Learning about Wikimedia Commons and the Wikiverse
A first step was learn about Wikimedia Commons and the Wikiverse in general. Thanks to our longtime wikimedians Diego and Martin, everyone started to understand the distinction between the different sister projects Wikidata, Wikimedia Commons, and Wikipedia and how they are connected and enriching each other. Of course Wikimedia Commons was the focus: We learned how to upload a single (or up to 25) images directly with the Upload Wizard. This way of uploading is what is mainly used wikimedians like Diego and Martin, which also makes sense: Their usecase is to upload only a few images at a time, adding the metadata about the image and the depicted topics manually at the same time as uploading it. This way one has control over the single image, and can really enrich the wikitext and structured data of the few images being uploaded. It is also possible to copy the information of the first image uploaded and use it for the next batch of photos that have the same metadata. From the view of GLAMs this way is maybe to slow and might double the work: usually an institution has a big batch of images (more than 25 at a time) and has already at least some metadata documented in their documentation software which in turn can be exported as an excel. It is here where the process with OpenRefine has the big impact – for only uploading a few images without already existing metadata it might be too much work.
Content consideration
Before we actually uploaded images to wikimedia commons, there was also a lively discussion about the content, content warnings as well as titles. These thoughts were specific about the images form Sevruguin, but can be expanded to other images of course as well.
Titles
Since the images of by Sevruguin don't have original titles given by Sevruguin, it was very difficult to come up with a good solutions for the titles. The photographs did have some titles given by the collectors from around 1900, and while these serve as a historical source, the museums don't want to reproduce racial stereotypes and wrong attributions, or at least mark it as a historical naming. This of course is a bigger discussion that is also discussed in different working groups from different swiss institutions. Here the ETH published guidelines on how they work on problematic titles or descriptions of objects in their collections. In the case of the photographs in the collection of the VMZ, we decided to use the title from the album, but also clearly mark it as being a historical attribution: Example: The legend in the album for VMZ.523.01.037 was "Armen. [Armenische] Nonnen in Djoulfa". For the wikidata item we only used the inventory number as the label, and added a description with the given legend: "Fotografie von Antoin Sevruguin, Bildunterschrift auf Albumseite: "Armen. [Armenische] Nonnen in Djoulfa", aus der Sammlung des VMZ". In this way, it is clearly marked as being historical.
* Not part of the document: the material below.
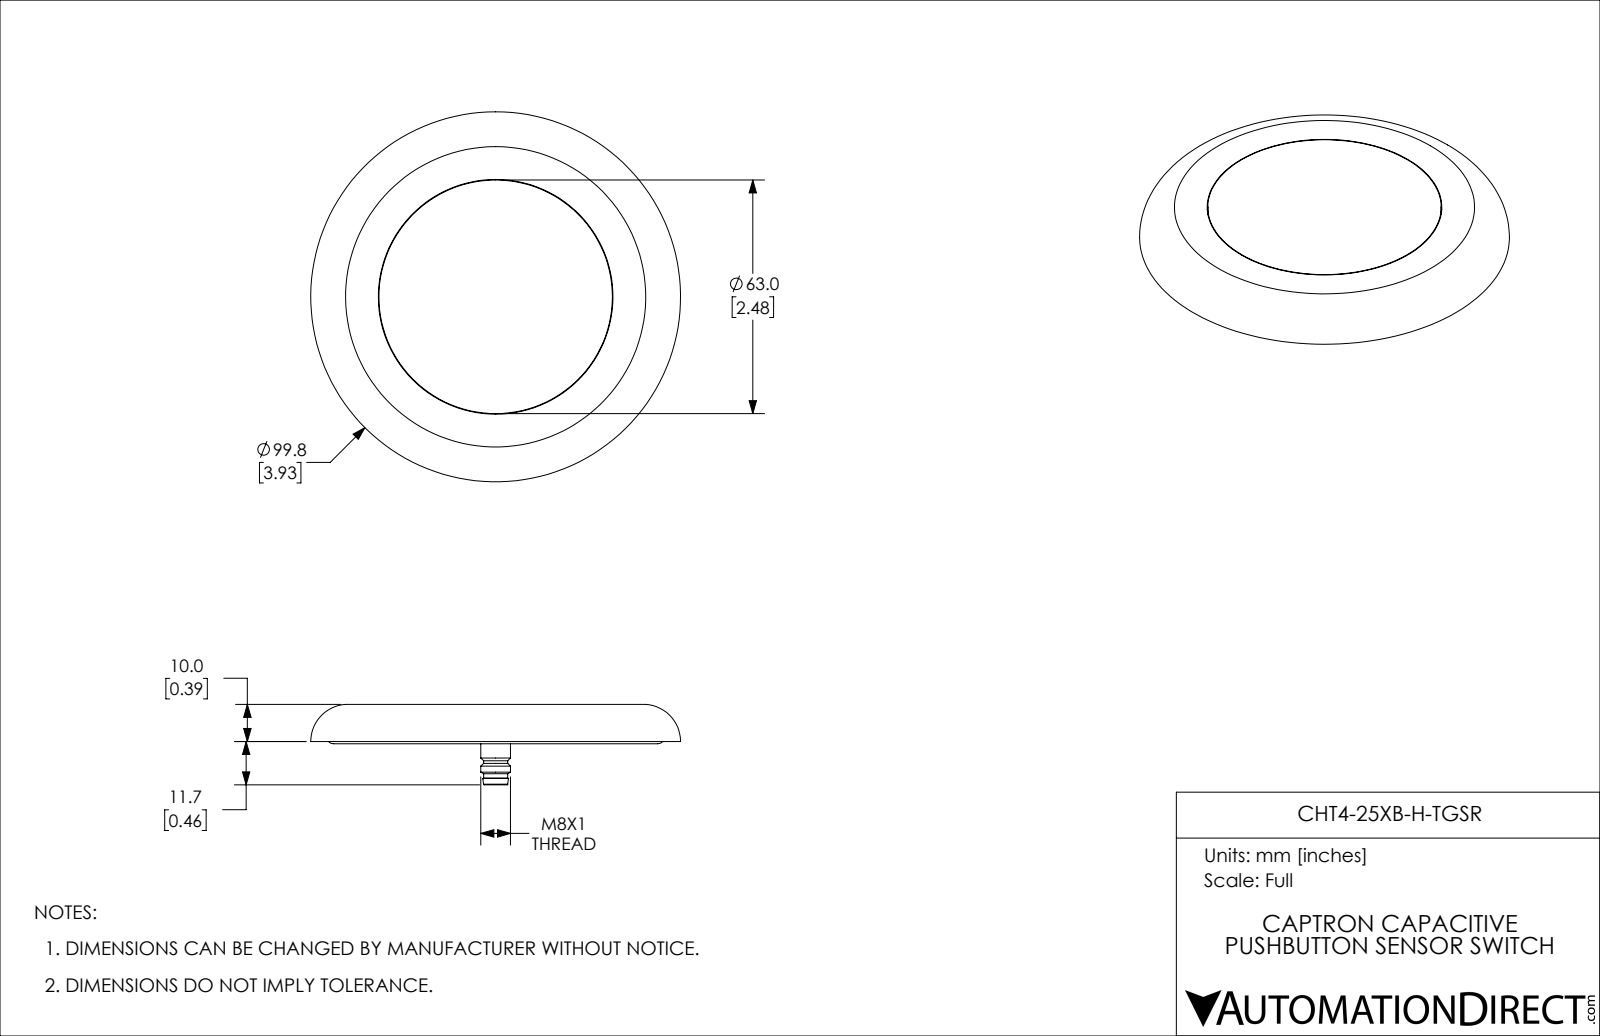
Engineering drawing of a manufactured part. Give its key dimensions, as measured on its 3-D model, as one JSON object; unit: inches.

The downside is that the description of the wikidat item is not shown on wikimedia commons, and only the inventory number is given as a title. To counter that we decided to write the same line as a description on wikimedia commons. The filename on wikimedia commons was another point of discussion. Since it is very difficult to change afterwards, it needs to be as correct as possible from the start. While in the guidelines on uploading files with OpenRefine state that it might be helpful to name the files with a more descriptive name, we concluded that it could actually create more problems down the road (as well having the same issues as above). We decided to name it with the inventory number and the name of the creator. But also this turned out to be not a good decision: While working on it, we got the information that one of the photos already uploaded beforehand by the MRZ was wrongly attributed to Sevruguin and is actually shot by another photographer. While the metadata is easy to change, the title will still say "Sevruguin".
Sensitive Content
Images can also contain sensitive content, i.e. showing violence or sick and dead people. While there are guidelines on nudity on wikimedia commons, there are no guidelines on images depicting violence. After some discussion we decided to not upload one image of hanged people, even though it can be found on various websites. We don't know if this is the way to go forward, since it hinders a complete overview. Putting an editorial blur the image could be an option and has been done on various museum collection websites, but we don't know if this could also be solution for wikimedia commons.
OpenRefine Process
Daniela from the VMZ brought with her as a testing file an excel export from the museums database. This excel was a simple export of certain fields without any processing of the data at the time of the export. This is probably the most common case. If it is possible to already prepare the export better, the whole process can get even smoother. The following description is not a full tutorial on OpenRefine, but focusses on the process for GLAMs. There are already some good tutorials online, either on youtube to follow along, or on the wikiversity. Here is the header of the file, with a sample line (splited in two, due to formatting):
| Beschreibung | Anmerkung zur Beschreibung | ist Teil von | Datierung | Zusatz Datierung | Fotograf:in | Material/Technik | | ------------ | -------------------------- | ------------ | --------- | ---------------- | ----------- | ---------------- | | "Persischer Dorfbewohner" | handschriftliche Notiz auf Albumseite | Album Iran 1 (VMZ 523.01) | 1880-1900 | ca. | Sevruguin, Antoin | Albuminpapierabzug |
| Masse Foto in cm_HxB | Land | Ort | Bemerkungen geografische Zuordnung | Bemerkungen zum Objekt | Beschriftungen im/auf Bild | | -------------------- | ---- | --- | ---------------------------------- | ---------------------- | -------------------------- | | 20 x 13 | Iran | | früher: Persien | | 97 |
This already gives almost all of the necessary information for an upload on wikidata, but a few columns needed to be changed or added. For the purpose of learning to use OpenRefine it was perfect!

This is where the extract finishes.